Chinese name
- Chinese: 甲子

Standard Mandarin
- Hanyu Pinyin: jiǎzǐ

Vietnamese name
- Vietnamese alphabet: Giáp Tý
- Chữ Hán: 甲子

South Korean name
- Hangul: 갑자
- Hanja: 甲子
- Revised Romanization: gapja

Japanese name
- Kanji: 甲子
- Kana: きのえね かっし こうし
- Romanization: kinoene kasshi kōshi

= Wood Rat =

First element of the sexagenary cycle

Wood Rat (甲子 (jiǎzǐ)) is the first combination of the sexagenary cycle of the Chinese zodiac. It is preceded by Water Pig and followed by Wood Ox. In the traditional correspondence of the Heavenly Stems with the Five Phases, jiǎ (甲) represents yang and Wood, while the Earthly Branch zǐ (子) corresponds to the Rat zodiac.
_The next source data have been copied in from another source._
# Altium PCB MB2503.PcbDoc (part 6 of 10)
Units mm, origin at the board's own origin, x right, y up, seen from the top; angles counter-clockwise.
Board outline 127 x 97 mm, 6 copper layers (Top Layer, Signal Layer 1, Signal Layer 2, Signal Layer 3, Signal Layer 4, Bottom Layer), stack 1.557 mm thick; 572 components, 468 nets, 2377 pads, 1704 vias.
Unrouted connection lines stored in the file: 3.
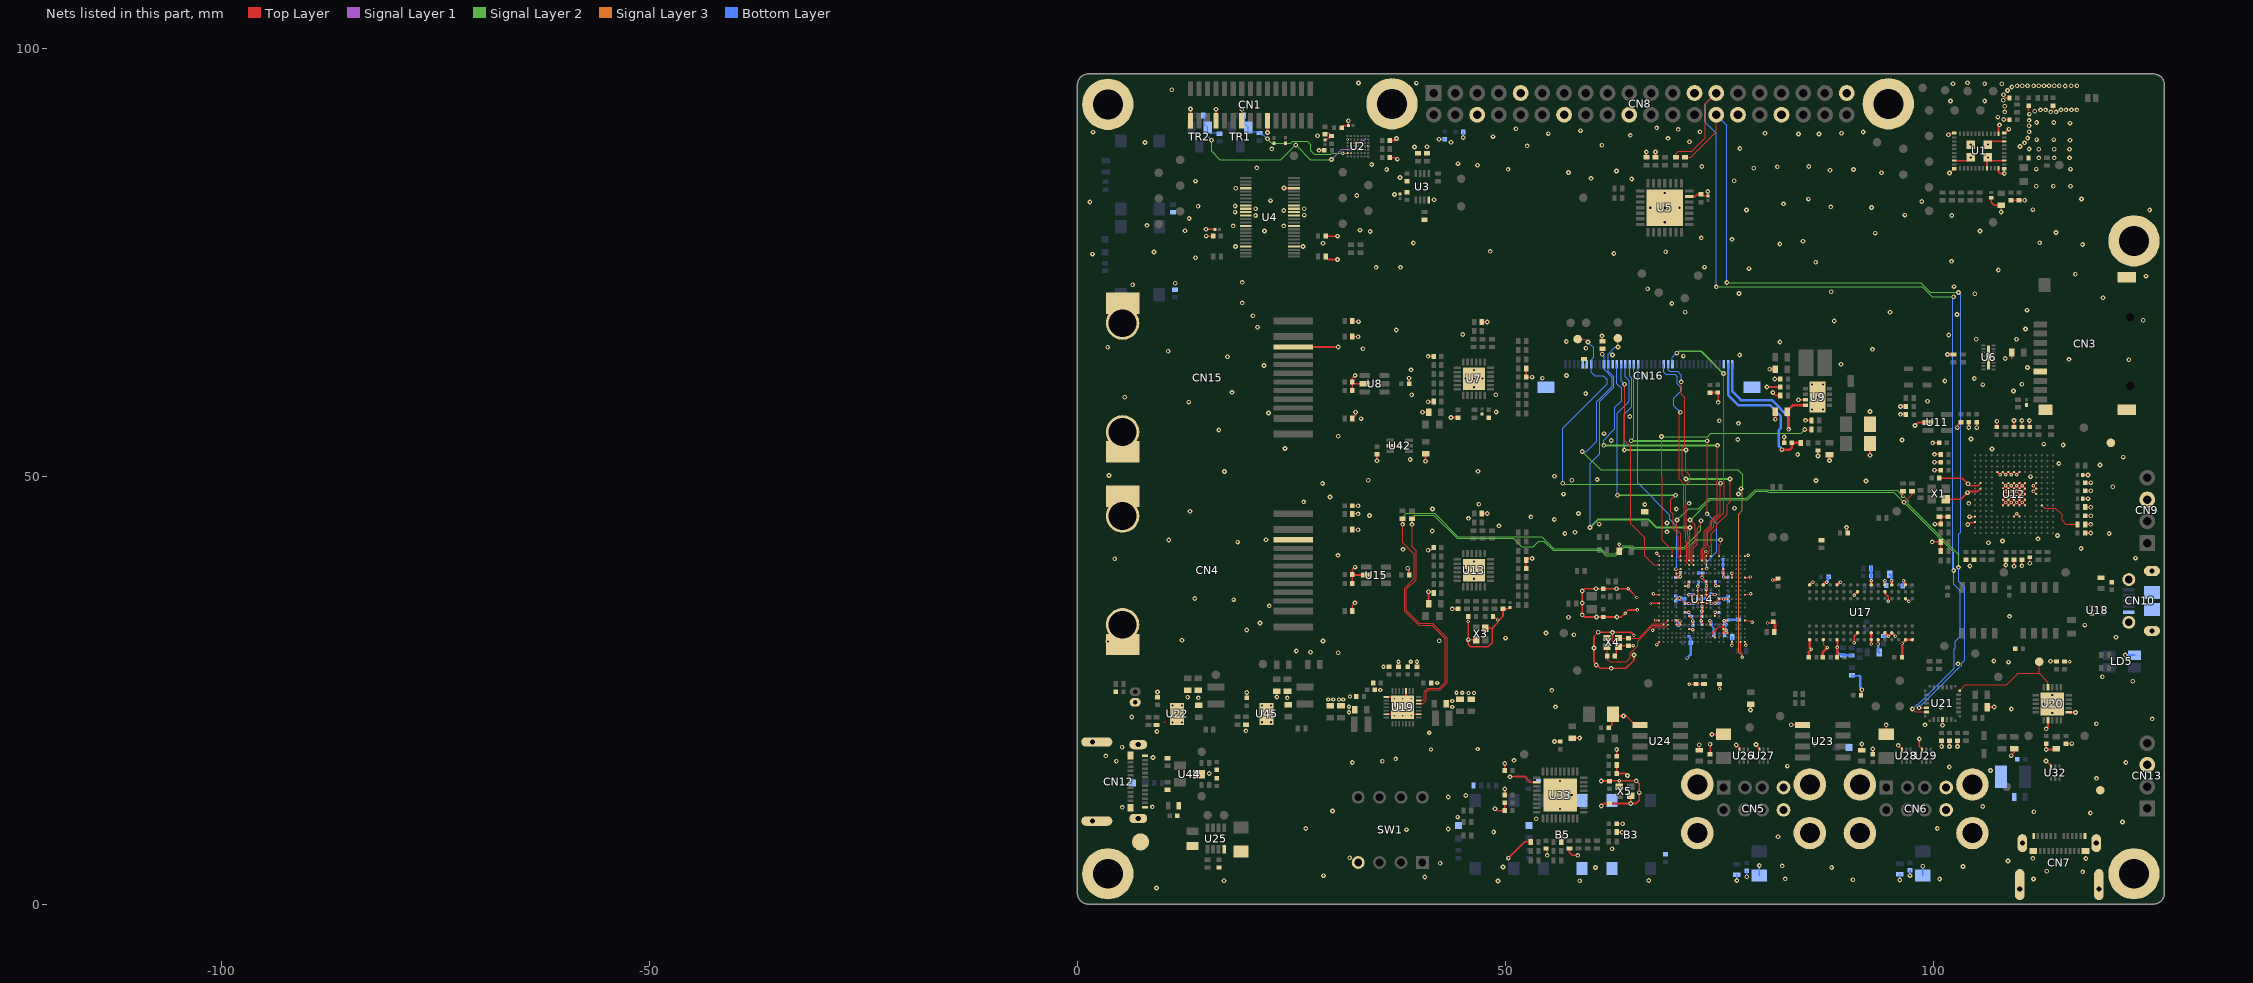
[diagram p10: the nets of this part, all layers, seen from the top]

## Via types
v1: diameter 0.55, hole 0.25, Top Layer to Bottom Layer, 1335 vias
v2: diameter 0.4, hole 0.2, Top Layer to Bottom Layer, 262 vias
v3: diameter 0.5, hole 0.2, Top Layer to Bottom Layer, 51 vias
v4: diameter 0.26, hole 0.1, Top Layer to Signal Layer 1, tented both sides, 29 vias
v5: diameter 0.5, hole 0.25, Top Layer to Bottom Layer, 18 vias
v6: diameter 0.4, hole 0.2, Top Layer to Bottom Layer, tented both sides, 9 vias

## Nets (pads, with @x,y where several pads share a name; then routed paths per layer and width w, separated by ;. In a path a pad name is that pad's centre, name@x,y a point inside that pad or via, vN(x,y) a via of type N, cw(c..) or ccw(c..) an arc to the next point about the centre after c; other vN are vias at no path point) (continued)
GND: B3.1 B3.2 B5.3 B5.4 C1.1 C2.1 C3.1 C4.1 C5.1 C6.1 C7.2 C8.1 C9.1 C10.1 C11.1 C12.1 C13.1 C14.1 C15.1 C16.1 C17.1 C18.1 C19.1 C20.1 C21.1 C22.1 C23.1 C24.1 C25.1 C26.1 C27.1 C28.1 C29.2 C30.1 C31.1 C32.1 C33.2 C34.1 C35.1 C36.2 C37.1 C38.1 C39.2 C40.1 C41.1 C42.1 C43.1 C44.1 C45.1 C46.1 C47.1 C48.1 C49.1 C50.2 C51.1 C52.1 C53.1 C54.1 C55.1 C56.1 C57.1 C58.1 C59.1 C60.1 C61.1 C62.1 C63.1 C64.1 C65.1 C66.1 C67.1 C68.1 C69.1 C70.1 C71.1 C72.1 C73.1 C74.1 C75.1 C76.1 C77.1 C78.1 C79.1 C80.1 C81.2 C82.1 C83.1 C84.1 C85.1 C88.2 C89.1 C90.1 C91.2 C92.1 C93.2 C94.1 C95.1 C96.1 C97.1 C98.1 C99.1 C100.1 C101.1 C102.1 C103.2 C104.1 C105.1 C106.1 C107.2 C108.1 C109.1 C110.1 C111.1 C112.1 C113.1 C114.1 C115.1 C116.1 C117.1 C118.2 C119.1 C120.1 C121.1 C122.1 C123.1 C124.1 C125.1 C126.1 C127.1 C128.1 C129.1 C130.1 C131.1 C133.1 C134.1 C135.1 C136.1 C137.1 C138.1 C139.1 C140.1 C142.1 C144.1 C147.1 C148.1 C149.1 C150.1 C151.2 C152.1 C153.1 C154.1 C155.1 C156.1 C157.1 C158.1 C159.1 C160.1 C161.1 C162.2 C163.1 C164.1 C165.1 C166.1 C167.1 C168.1 C169.1 C170.1 C171.1 C172.1 C173.1 C174.1 C175.1 C176.1 C177.2 C178.1 C179.1 C180.2 C181.1 C182.1 C183.1 C184.1 C185.2 C186.1 C187.1 C188.1 C189.1 C190.1 C191.2 C192.1 C193.1 C194.1 C195.2 C196.1 C197.1 C198.1 C199.1 C200.1 C201.1 C202.1 C203.2 C204.2 C205.1 C206.1 C207.2 C208.1 C209.1 C210.2 C211.1 C212.1 C213.1 C214.2 C215.2 C216.2 C217.2 C218.1 C219.2 C220.1 C221.1 C222.1 C223.1 C224.1 C225.1 C226.1 C227.1 C228.1 C229.1 CN1.1 CN1.4 CN1.7 CN1.10 CN3.6 CN3.10 CN3.11 CN3.12 CN4.10 CN4.13 CN4.14 CN5.B4 CN5.CH1 CN5.CH2 CN5.CH3 CN5.CH4 CN5.T4 CN6.B4 CN6.CH1 CN6.CH2 CN6.CH3 CN6.CH4 CN6.T4 CN7.A1 CN7.A12 CN7.B1 CN7.B12 CN7.SH1 CN7.SH2 CN7.SH3 CN7.SH4 CN8.6 CN8.9 CN8.14 CN8.20 CN8.25 CN8.30 CN8.34 CN8.39 CN9.3 CN10.5 CN10.6 CN10.7 CN10.8 CN10.9 CN10.10 CN10.11 CN11.2 CN12.A1 CN12.A12 CN12.B1 CN12.B12 CN12.SH1 CN12.SH2 CN12.SH3 CN12.SH4 CN13.3 CN15.10 CN15.13 CN15.14 CN16.3 CN16.29 CN16.35 CN16.36 CN16.MT1 CN16.MT2 LD1.2 LD2.2 LD5.4 LD6.2 LD7.2 pad.1 R3.2 R4.2 R7.1 R8.1 R13.1 R23.2 R24.1 R25.2 R27.1 R33.1 R38.2 R44.1 R47.2 R49.1 R52.1 R53.1 R58.2 R59.1 R66.1 R68.2 R69.2 R70.1 R74.1 R76.1 R84.1 R87.1 R93.2 R101.2 R110.1 R112.1 R114.1 R128.2 R134.1 R136.1 R143.1 R145.1 R146.1 R147.1 R156.1 R158.1 R159.1 R160.1 R173.2 R175.2 R176.1 R178.1 R179.1 R182.2 R200.1 R209.1 R215.1 SW1.4 TP39.1 TP75.1 TP76.1 U1.1 U1.12 U1.19 U1.21 U1.29 U1.32 U1.33 U1.35 U1.40 U1.42 U1.43 U1.44 U1.45 U1.46 U2.A4 U2.A7 U2.C5 U2.D3 U2.D5 U2.E3 U2.F6 U2.G2 U3.4 U4.4 U4.9 U4.10 U4.11 U4.12 U4.15 U4.21 U4.28 U4.34 U4.37 U4.38 U4.39 U4.40 U4.45 U5.6 U5.29 U6.EP U7.EP U8.2 U9.3 U9.9 U10.2 U11.2 U12.D5 U12.D6 U12.D7 U12.D8 U12.D9 U12.F2 U12.F6 U12.F7 U12.F8 U12.F9 U12.F10 U12.F12 U12.G2 U12.G6 U12.G7 U12.G8 U12.G9 U12.G10 U12.G12 U12.H6 U12.H7 U12.H8 U12.H9 U12.H10 U12.H12 U12.J6 U12.J7 U12.J8 U12.J9 U12.J10 U12.K6 U12.K7 U12.K8 U12.K9 U12.K10 U12.M1 U12.M8 U12.M9 U12.N1 U13.EP U14.A1 U14.A21 U14.AA1 U14.AA18 U14.AA21 U14.B12 U14.D16 U14.E5 U14.E6 U14.E11 U14.E16 U14.F5 U14.F17 U14.F18 U14.F21 U14.G8 U14.G12 U14.G14 U14.H7 U14.H15 U14.J10 U14.J12 U14.K1 U14.K9 U14.K10 U14.K11 U14.K12 U14.K13 U14.K21 U14.L5 U14.L10 U14.L12 U14.L15 U14.L17 U14.M1 U14.M7 U14.M9 U14.M10 U14.M11 U14.M12 U14.M13 U14.N11 U14.P7 U14.P15 U14.R8 U14.R11 U14.R14 U14.T1 U14.T5 U14.T17 U14.T21 U14.U3 U14.U5 U14.U6 U14.U9 U14.U11 U14.U13 U14.U16 U14.V8 U14.V16 U14.W16 U14.W17 U14.Y14 U15.2 U16.2 U17.A9 U17.B1 U17.B3 U17.B9 U17.D1 U17.D8 U17.E1 U17.E2 U17.E8 U17.F9 U17.G1 U17.G8 U17.G9 U17.J2 U17.J8 U17.M1 U17.M9 U17.P1 U17.P9 U17.T1 U17.T9 U18.3 U19.9 U19.17 U19.22 U19.27 U19.29 U20.12 U20.16 U20.21 U21.4 U22.4 U22.8 U22.9 U23.1 U24.1 U25.4 U26.3 U27.3 U28.3 U29.3 U30.2 U31.2 U32.3 U33.11 U33.37 U34.2 U36.2 U37.2 U38.2 U39.2 U40.2 U41.2 U42.2 U44.3 U45.4 U45.8 U45.9 X1.2 X3.2 X3.4 X4.2 X4.4 X5.2 X5.4 | length 403.1
  Top Layer w0.075: v2(67.2,32) 67.597,32.397 68.077,32.397 68.373,32.397 68.722,32.397 U14.U3@68.975,32.65 ; v2(73.425,41.2) 73.228,41.003 73.228,40.522 73.452,40.298 73.452,40.173 U14.B12@73.469,40.156 ; U14.Y14@74.475,31.15 74.464,31.161 74.464,31.312 74.228,31.548 74.228,31.803 74.328,31.903 74.576,31.903 74.722,32.049 74.722,32.189 74.933,32.4 75.475,32.4
  Top Layer w0.09: U14.T21@77.974,33.15 78.156,33.15 78.216,33.09 78.617,33.09 78.757,32.95 v2(78.825,32.95) ; C94.1@81.15,32.85 C94.1@81.3,33 ; U17.P9@87.15,30.9 87.209,30.84 87.209,30.703 87.22,30.692 87.22,30.33 v2(87.6,29.95)
  Top Layer w0.1: U14.K21@77.974,36.15 77.98,36.145 78.035,36.2 78.491,36.2 78.566,36.275 v2(78.65,36.275)
  Top Layer w0.12: U17.T1@85.47,37.37 U17.T1@85.545,37.295 ; U17.M1@88.745,37.295 U17.M1@88.745,37.395 ; v2@92.745,30.305 v2(92.745,30.395) ; U17.E8@94.345,31.695 U17.E8@94.365,31.695
  Top Layer w0.15: v2(72.975,38.175) 72.975,38.074 U14.G12@73.393,37.656 ; U14.AA21@77.974,30.65 78.075,30.55 v2(78.075,30.225) ; U14.F21@77.975,38.15 78.482,38.15 78.557,38.225 v2(78.625,38.225) ; v2@90.75,30.525 90.75,31.3
  Top Layer w0.175: v2@74.475,33.989 v2@74.636,34.15 ; U14.A21@77.953,40.652 77.992,40.652 78.068,40.729 78.354,40.729 v2(78.375,40.75)
  Top Layer w0.2: U22.4@10.175,21.25 10.185,21.24 ; CN1.1@13.2,91.525 v1(13.2,92.9) ; v1(15.025,78.85) C24.1@16.05,78.85 ; v1(15.05,78.05) C25.1@15.85,78.05 ; CN1.4@16.2,91.5 CN1.4@16.2,91.525 v1(16.2,92.875) ; CN1.7@19.2,91.5 CN1.7@19.2,91.525 v1(19.2,92.875) ; v1(22.2,90.15) CN1.10@22.2,91.5 ; CN15.10@25.2,65.1 v1(30.475,65.1) ; v1(28.225,88.075) C12.1@28.85,88.075 ; C117.1@28.925,89.95 29.062,90.087 29.388,90.087 29.7,89.775 29.52,89.595 29.423,89.595 29.403,89.575 29.384,89.575 29.179,89.37 29.025,89.37 C10.1@28.95,89.295 ; R23.2@29,75.65 29.325,75.325 v1(30.375,75.325) ; C26.1@29,78.05 29.004,78.054 v1(30.376,78.054) ; C6.1@30.875,90.825 31,90.95 C5.1@31.65,90.95 v1(31.65,91.525) ; R110.1@32.125,34.25 32.125,34.9 v1(32.425,35.2) ; C85.1@32.125,37.475 32.125,38.4 C80.1@32.175,38.45 ; R76.1@32.125,43.75 v1(32.8,43.75) ; R70.1@32.125,45.6 v1(32.8,45.6) ; C229.1@32.125,46.55 v1(32.8,46.55) ; R52.1@32.125,56.75 32.5,57.125 v1(32.5,57.475) ; C35.1@32.125,60 C32.1@32.125,61 ; R27.1@32.125,66.3 v1(32.8,66.3) ; R24.1@32.125,68.15 32.185,68.09 32.81,68.09 v1(32.838,68.062) ; v4(32.375,88.95) U2.D3@32.775,88.95 ; v1(32.45,39.375) 32.125,39.05 C80.1@32.125,38.5 C80.1@32.175,38.45 ; v1(32.45,61.775) 32.125,61.45 C32.1@32.125,61 ; U2.D5@32.775,88.15 v4(33.175,88.15) ; U8.2@33.575,60.8 32.325,60.8 C32.1@32.125,61 ; U15.2@33.75,38.45 C80.1@32.175,38.45 ; U19.27@36.1,22.2 37.2,22.2 v3(38,23) ; U19.22@36.1,24.2 36.8,24.2 v3(38,23) ; C14.1@36.5,87.225 37.105,87.225 37.28,87.05 v1(37.375,87.05) ; C11.1@36.5,89.225 37.05,89.225 v1(37.275,89.45) ; v3(38,24) 38.15,24 38.4,24.25 38.4,24.875 U19.17@38.4,24.9 ; v1(38.6,39.25) 38.75,39.1 C81.2@38.75,38.45 ; C33.2@38.75,60.8 v1(38.75,61.45) ; v3(39,24) v3(38,23) ; U19.9@39.9,22.2 38.8,22.2 v3(38,23) ; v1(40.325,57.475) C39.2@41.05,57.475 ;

== Western calendar years ==
A year of the Wood Rat occurs every 60 years, in a year that ends in 4, according to the following table:

Associated years
| 1st millennium | 2nd millennium | 3rd millennium | 4th millennium |
|---|---|---|---|
| 4; 64; 124; 184; 244; 304; 364; 424; 484; 544; 604; 664; 724; 784; 844; 904; 964; | 1024; 1084; 1144; 1204; 1264; 1324; 1384; 1444; 1504; 1564; 1624; 1684; 1744; 1804; 1864; 1924; 1984; | 2044; 2104; 2164; 2224; 2284; 2344; 2404; 2464; 2524; 2584; 2644; 2704; 2764; 2824; 2884; 2944; | 3004; 3064; 3124; 3184; 3244; 3304; 3364; 3424; 3484; 3544; 3604; 3664; 3724; 3784; 3844; 3904; 3964; |

=== Overview ===
It was four years after the year of the Metal Rooster, the year of the Revolution of the Dynasty changeover, and was considered the year of the revolutionary decree, or the year of many upheavals, when the Tian will is renewed and heavenly commands are given to those who possess virtue (Kōji kaihatsu'). In order to prevent this, the new year has often been held in this year since the Heian period in Japan. Since the Koshi Reform of 1024, the only year prior to the Meiji era (when the reign of the first emperor was abolished with the decree of Issei Ichigen) in which there was no Koshi Reform was in Eiroku 7 (1564).

Emperor Emperor Kanmu was also the son of Tenchi, who ascended to the throne after the Tenmu lineage was severed by the murder of his half-brother Otomo, a prince of the Tenchi line. Emperor Kōnin, and it is said that he moved the capital to Nagaoka-kyo in 784, the year of the Revolution, because he was strongly aware of the change of royal line.

The Yellow Turban Rebellion occurred in 184, the last days of the Later Han Dynasty in China and caused a fatal blow to the Han Dynasty. One slogan it used was "蒼天已死 黄天當立 歳在甲子 天下大吉" meaning "The azure sky is dead, the yellow sky rises. The year is the Wood Rat, and there is great auspiciousness under heaven." ("Book of the Later Han|The Later Han Dynasty"). Volume 71: Huangfu Song, Zhu Shiyi, Biography 61 Huang Fu Bulk biography)".

A hot spring discovered in Mutsu (now Fukushima Prefecture) in Nanboku-chō period in 1384 was named Koshi Onsen (甲子温泉) in honor of the year Koshi.

Ito Daizo (大藏) changed his name to Ito Koshi-taro (Kashitaro/Kinetaro) in honor of the first year of Genji (1864), the year of the Koshi.

The baseball stadium built in Taisho 13 (1924) in Hyōgo Prefecture Nishinomiya City was named "Koshien Grand Sports Ground" (now Hanshin Koshien Stadium) after the Chinese zodiac of that year.
 It is also the name of a place in the city. This year also marks the origin of the name of the Tokyo Kosha Company.